Five Key Details From Boris Johnson’s New National Insurance Levy To Fix Social Care
Boris Johnson revealed his long-awaited plan to fix social care with a levy to pay for the NHS backlog and to place a cap on care costs (Alamy)
5 min read
More than two years after he first announced he had a plan to fix social care, Boris Johnson finally unveiled a new 1.25% levy on National Insurance to go towards paying to fix the crisis in the sector.
It also places a cap on costs and a floor on a person’s assets before they start paying for care, but both figures are higher than those recommended by Andrew Dilnot, whose proposals the prime minister has based his on.
But there has been criticism over how much of the £36billion raised over the next three years will go to fixing the backlog in the NHS caused by the pandemic, rather than adult social care.
Johnson has admitted this breaks his manifesto commitment in 2019 not to raise the main forms of taxation, however it is also suggested it breaks another election promise that nobody will have to sell their homes to pay for care.
Here are the key details from today’s announcement:
Cap delay
The £86,000 cap on care costs only comes into force in October 2023, as Johnson told MPs "no eligible person starting adult social care” after that will have to pay more than that over their lifetime.
That means that any spending made on care before then does not count towards it, so therefore the almost one million people already receiving care will not benefit from it, or the thousands more who will start care in the next two years.
Manifesto breach
Johnson admitted he was breaking his pledge to voters not to increase the main forms of taxation.
Appearing in the chamber after him work and pensions secretary Therese Coffey then broke another manifesto commitment by temporarily ditching the pensions triple lock, blaming the pandemic for that too.
The government is also being accused of a third breach, after they said in 2019 one condition of a plan to fix social care “is that nobody needing care should be forced to sell their home to pay for it”.
Today’s plans, with the costs capped at £86,000 and the asset floor at £100,000, many people will be left with no choice but to do so. The government has suggested they will still stick to their promise by allowing people to defer the issue until after their death.
DHSC confirmed under the plans nobody will be forced to sell their home to pay for their care “in their lifetime”, as people can take out a Deferred Payment Agreement so the money can be deducted from their estate after they die.
Much more an NHS levy than a social care one
The institute for fiscal studies (IFS) said the amount of money allocated for care will still mean “many people with care needs not considered severe enough will continue to miss out”.
Analysing figures from the government, they say with £5.4billion going on social care from 2023 to 2025, at an average of £1.8 billion per year, it is a funding boost equivalent to around 9% of what councils spent on services in 2019–20.
But they added: “The early-to-mid 2010s saw big cuts in spending, despite an ageing population and rising numbers of people with learning disabilities.
“And as a result, adult social care spending per person was 7.5% lower in real-terms in 2019–20, the latest year for which we have data, than in 2009–10.
“While the precise path for spending – and hence for the availability and quality of care – is unclear, it is clear that the extra funding will not be sufficient to reverse the cuts in the numbers receiving care seen during the 2010s.
Tax burden higher than ever
The IFS also say that today’s announcement will see a further tax rise of £14billion or 0.6% of national income, which on top of an income tax rise of £8billion and corporation tax of £17billion set out in the March Budget will “raise the tax burden in the UK to the highest-ever sustained level” if delivered.
Its director Paul Johnson said: “Both spending and tax will ratchet upwards over the next few years. Taxes will reach their highest sustained level in the UK.
“This was always going to be an inevitable consequence of ever growing demands on health and social care, and would have happened eventually irrespective of the pandemic.”
He added: “It is disappointing that the government did not find a better package of tax measures to fund these spending increases.

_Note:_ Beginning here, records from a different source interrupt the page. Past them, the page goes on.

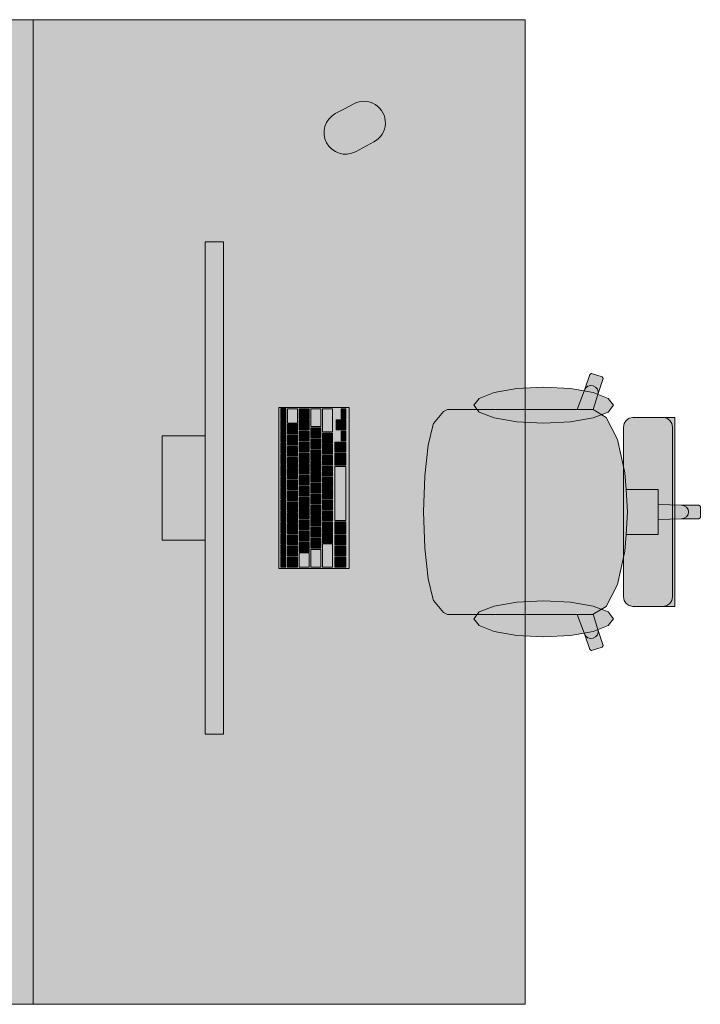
# Model space of a CAD drawing. Header units: metres. Extents: x -3.6 to 84.5, y -11 to 16.8.
# Tile 303 of 361: x 52.7 to 53.8, y 1 to 2.6. Entities that reach past the tile are written whole.
import ezdxf

# ---------------------------------------------------------------- set-up
doc = ezdxf.new("R2010")
doc.units = ezdxf.units.M
doc.header["$MEASUREMENT"] = 0
doc.layers.add('701 - Einrichtung.Möbel', color=7, linetype='Continuous')

msp = doc.modelspace()

# ---------------------------------------------------------------- hatches: boundary and pattern name
at = {"layer": '701 - Einrichtung.Möbel', "linetype": 'Continuous', "lineweight": 0, "true_color": 0x3a3a3a}
for points in [[(52.735, 2.61), (51.935, 2.61), (51.935, 1.01), (52.735, 1.01)], [(52.735, 1.01), (53.535, 1.01), (53.535, 2.61), (52.735, 2.61)], [(53.2415, 2.4653), (53.2265, 2.4573, 0.994302), (53.2593, 2.3955), (53.2893, 2.4115, 1), (53.2565, 2.4733)], [(53.0448, 1.449), (53.0448, 2.249), (53.0148, 2.249), (53.0148, 1.449)], [(53.4601, 1.9764), (53.4326, 1.9764), (53.4089, 1.9764), (53.4024, 1.9731), (53.3862, 1.9536), (53.3855, 1.9521), (53.3774, 1.9187), (53.3719, 1.8688), (53.3719, 1.8681), (53.37, 1.81), (53.82, 1.81), (53.82, 1.8187), (53.8177, 1.8209), (53.7896, 1.8209), (53.7515, 1.8222), (53.7515, 1.8465), (53.7287, 1.8465), (53.6992, 1.8465), (53.6974, 1.8737), (53.6853, 1.9276), (53.6671, 1.9637), (53.6459, 1.9763), (53.6533, 2.0011), (53.6619, 2.0268), (53.6605, 2.0296), (53.6431, 2.035), (53.6402, 2.0336), (53.6316, 2.0079), (53.6196, 1.9764)], [(53.5652, 2.0127), (53.5217, 2.0104), (53.4848, 2.0041), (53.4602, 1.9946), (53.4515, 1.9835), (53.4602, 1.9723), (53.4848, 1.9628), (53.5217, 1.9565), (53.5652, 1.9542), (53.6087, 1.9565), (53.6455, 1.9628), (53.6702, 1.9723), (53.6788, 1.9835), (53.6702, 1.9946), (53.6455, 2.0041), (53.6087, 2.0104)], [(53.2488, 1.718), (53.2488, 1.98), (53.1348, 1.98), (53.1348, 1.718)], [(53.1458, 1.9695), (53.1458, 1.9778), (53.1456, 1.978), (53.138, 1.978), (53.1378, 1.9778), (53.1378, 1.9612), (53.138, 1.961), (53.1456, 1.961), (53.1458, 1.9612)], [(53.1648, 1.966), (53.1648, 1.9773), (53.1646, 1.9775), (53.149, 1.9775), (53.1488, 1.9773), (53.1488, 1.9547), (53.149, 1.9545), (53.1646, 1.9545), (53.1648, 1.9547)], [(53.1838, 1.9695), (53.1838, 1.9773), (53.1836, 1.9775), (53.168, 1.9775), (53.1678, 1.9773), (53.1678, 1.9617), (53.168, 1.9615), (53.1836, 1.9615), (53.1838, 1.9617)], [(53.2028, 1.9633), (53.2028, 1.9773), (53.2026, 1.9775), (53.187, 1.9775), (53.1868, 1.9773), (53.1868, 1.9492), (53.187, 1.949), (53.2026, 1.949), (53.2028, 1.9492)], [(53.2218, 1.9588), (53.2218, 1.9773), (53.2216, 1.9775), (53.206, 1.9775), (53.2058, 1.9773), (53.2058, 1.9402), (53.206, 1.94), (53.2216, 1.94), (53.2218, 1.9402)], [(53.2438, 1.9695), (53.2438, 1.9773), (53.2436, 1.9775), (53.236, 1.9775), (53.2358, 1.9773), (53.2358, 1.9617), (53.236, 1.9615), (53.2436, 1.9615), (53.2438, 1.9617)], [(53.1458, 1.951), (53.1458, 1.9593), (53.1456, 1.9595), (53.138, 1.9595), (53.1378, 1.9593), (53.1378, 1.9427), (53.138, 1.9425), (53.1456, 1.9425), (53.1458, 1.9427)], [(53.1648, 1.9445), (53.1648, 1.9523), (53.1646, 1.9525), (53.149, 1.9525), (53.1488, 1.9523), (53.1488, 1.9367), (53.149, 1.9365), (53.1646, 1.9365), (53.1648, 1.9367)], [(53.1838, 1.9515), (53.1838, 1.9593), (53.1836, 1.9595), (53.168, 1.9595), (53.1678, 1.9593), (53.1678, 1.9437), (53.168, 1.9435), (53.1836, 1.9435), (53.1838, 1.9437)], [(53.2358, 1.9515), (53.2358, 1.9593), (53.2356, 1.9595), (53.228, 1.9595), (53.2278, 1.9593), (53.2278, 1.9437), (53.228, 1.9435), (53.2356, 1.9435), (53.2358, 1.9437)], [(53.2438, 1.9515), (53.2438, 1.9593), (53.2436, 1.9595), (53.236, 1.9595), (53.2358, 1.9593), (53.2358, 1.9437), (53.236, 1.9435), (53.2436, 1.9435), (53.2438, 1.9437)], [(53.6948, 1.948), (53.6948, 1.81), (53.7785, 1.81), (53.7785, 1.9634), (53.771, 1.9634), (53.7676, 1.9634), (53.7598, 1.9634), (53.7563, 1.9634), (53.7463, 1.9634), (53.7217, 1.9634), (53.7135, 1.9634), (53.7101, 1.9634), (53.7042, 1.9622), (53.6993, 1.9589), (53.696, 1.9539)], [(53.1458, 1.9325), (53.1458, 1.9408), (53.1456, 1.941), (53.138, 1.941), (53.1378, 1.9408), (53.1378, 1.9242), (53.138, 1.924), (53.1456, 1.924), (53.1458, 1.9242)], [(53.1838, 1.9335), (53.1838, 1.9413), (53.1836, 1.9415), (53.168, 1.9415), (53.1678, 1.9413), (53.1678, 1.9257), (53.168, 1.9255), (53.1836, 1.9255), (53.1838, 1.9257)], [(53.2028, 1.939), (53.2028, 1.9468), (53.2026, 1.947), (53.187, 1.947), (53.1868, 1.9468), (53.1868, 1.9312), (53.187, 1.931), (53.2026, 1.931), (53.2028, 1.9312)], [(53.2218, 1.93), (53.2218, 1.9378), (53.2216, 1.938), (53.206, 1.938), (53.2058, 1.9378), (53.2058, 1.9222), (53.206, 1.922), (53.2216, 1.922), (53.2218, 1.9222)], [(53.2438, 1.9335), (53.2438, 1.9413), (53.2436, 1.9415), (53.236, 1.9415), (53.2358, 1.9413), (53.2358, 1.9257), (53.236, 1.9255), (53.2436, 1.9255), (53.2438, 1.9257)], [(53.0148, 1.934), (52.9448, 1.934), (52.9448, 1.764), (53.0148, 1.764)], [(53.1458, 1.914), (53.1458, 1.9223), (53.1456, 1.9225), (53.138, 1.9225), (53.1378, 1.9223), (53.1378, 1.9057), (53.138, 1.9055), (53.1456, 1.9055), (53.1458, 1.9057)], [(53.1648, 1.9265), (53.1648, 1.9343), (53.1646, 1.9345), (53.149, 1.9345), (53.1488, 1.9343), (53.1488, 1.9187), (53.149, 1.9185), (53.1646, 1.9185), (53.1648, 1.9187)], [(53.1838, 1.9155), (53.1838, 1.9233), (53.1836, 1.9235), (53.168, 1.9235), (53.1678, 1.9233), (53.1678, 1.9077), (53.168, 1.9075), (53.1836, 1.9075), (53.1838, 1.9077)], [(53.2028, 1.921), (53.2028, 1.9288), (53.2026, 1.929), (53.187, 1.929), (53.1868, 1.9288), (53.1868, 1.9132), (53.187, 1.913), (53.2026, 1.913), (53.2028, 1.9132)], [(53.2218, 1.912), (53.2218, 1.9198), (53.2216, 1.92), (53.206, 1.92), (53.2058, 1.9198), (53.2058, 1.9042), (53.206, 1.904), (53.2216, 1.904), (53.2218, 1.9042)], [(53.2438, 1.9155), (53.2438, 1.9233), (53.2436, 1.9235), (53.226, 1.9235), (53.2258, 1.9233), (53.2258, 1.9077), (53.226, 1.9075), (53.2436, 1.9075), (53.2438, 1.9077)], [(53.1458, 1.8955), (53.1458, 1.9038), (53.1456, 1.904), (53.138, 1.904), (53.1378, 1.9038), (53.1378, 1.8872), (53.138, 1.887), (53.1456, 1.887), (53.1458, 1.8872)], [(53.1648, 1.9085), (53.1648, 1.9163), (53.1646, 1.9165), (53.149, 1.9165), (53.1488, 1.9163), (53.1488, 1.9007), (53.149, 1.9005), (53.1646, 1.9005), (53.1648, 1.9007)], [(53.1838, 1.8975), (53.1838, 1.9053), (53.1836, 1.9055), (53.168, 1.9055), (53.1678, 1.9053), (53.1678, 1.8897), (53.168, 1.8895), (53.1836, 1.8895), (53.1838, 1.8897)], [(53.2028, 1.903), (53.2028, 1.9108), (53.2026, 1.911), (53.187, 1.911), (53.1868, 1.9108), (53.1868, 1.8952), (53.187, 1.895), (53.2026, 1.895), (53.2028, 1.8952)], [(53.2438, 1.8958), (53.2438, 1.9053), (53.2436, 1.9055), (53.226, 1.9055), (53.2258, 1.9053), (53.2258, 1.8862), (53.226, 1.886), (53.2436, 1.886), (53.2438, 1.8862)], [(53.1648, 1.8905), (53.1648, 1.8983), (53.1646, 1.8985), (53.149, 1.8985), (53.1488, 1.8983), (53.1488, 1.8827), (53.149, 1.8825), (53.1646, 1.8825), (53.1648, 1.8827)], [(53.2028, 1.885), (53.2028, 1.8928), (53.2026, 1.893), (53.187, 1.893), (53.1868, 1.8928), (53.1868, 1.8772), (53.187, 1.877), (53.2026, 1.877), (53.2028, 1.8772)], [(53.2218, 1.894), (53.2218, 1.9018), (53.2216, 1.902), (53.206, 1.902), (53.2058, 1.9018), (53.2058, 1.8862), (53.206, 1.886), (53.2216, 1.886), (53.2218, 1.8862)], [(53.1458, 1.877), (53.1458, 1.8853), (53.1456, 1.8855), (53.138, 1.8855), (53.1378, 1.8853), (53.1378, 1.8687), (53.138, 1.8685), (53.1456, 1.8685), (53.1458, 1.8687)], [(53.1648, 1.8725), (53.1648, 1.8803), (53.1646, 1.8805), (53.149, 1.8805), (53.1488, 1.8803), (53.1488, 1.8647), (53.149, 1.8645), (53.1646, 1.8645), (53.1648, 1.8647)], [(53.1838, 1.8795), (53.1838, 1.8873), (53.1836, 1.8875), (53.168, 1.8875), (53.1678, 1.8873), (53.1678, 1.8717), (53.168, 1.8715), (53.1836, 1.8715), (53.1838, 1.8717)], [(53.2028, 1.867), (53.2028, 1.8748), (53.2026, 1.875), (53.187, 1.875), (53.1868, 1.8748), (53.1868, 1.8592), (53.187, 1.859), (53.2026, 1.859), (53.2028, 1.8592)], [(53.2218, 1.876), (53.2218, 1.8838), (53.2216, 1.884), (53.206, 1.884), (53.2058, 1.8838), (53.2058, 1.8682), (53.206, 1.868), (53.2216, 1.868), (53.2218, 1.8682)], [(53.2438, 1.84), (53.2438, 1.8838), (53.2436, 1.884), (53.226, 1.884), (53.2258, 1.8838), (53.2258, 1.7962), (53.226, 1.796), (53.2436, 1.796), (53.2438, 1.7962)], [(53.1458, 1.8585), (53.1458, 1.8668), (53.1456, 1.867), (53.138, 1.867), (53.1378, 1.8668), (53.1378, 1.8502), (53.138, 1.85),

“A simple increase in income tax would have been preferable. But overall much needed reforms to social care are being introduced and unavoidable pressures on the NHS are being funded through a broad based and broadly progressive tax increase. That is better than doing nothing.”
The public are unsure about it
Snap polling has revealed almost half of the public (46%) say the government’s decision to break its manifesto pledge to raise National Insurance is acceptable, slightly more than those who think it is unacceptable (42%).
The survey by Savanta ComRes show the sentiment is generally consistent by age, but overall 45% say they would have raised income tax to the 30% who say they would have raised national insurance to pay for social care.
Chris Hopkins from the polling firm said: “On this evidence, breaking a manifesto commitment is unlikely to have a huge electoral impact, particularly within the context of an electorate that’s willing to be forgiving due to the pandemic.
"Although time will tell on whether Labour drive home a message of tax rises and broken promises from the usually fiscally prudent Conservatives.”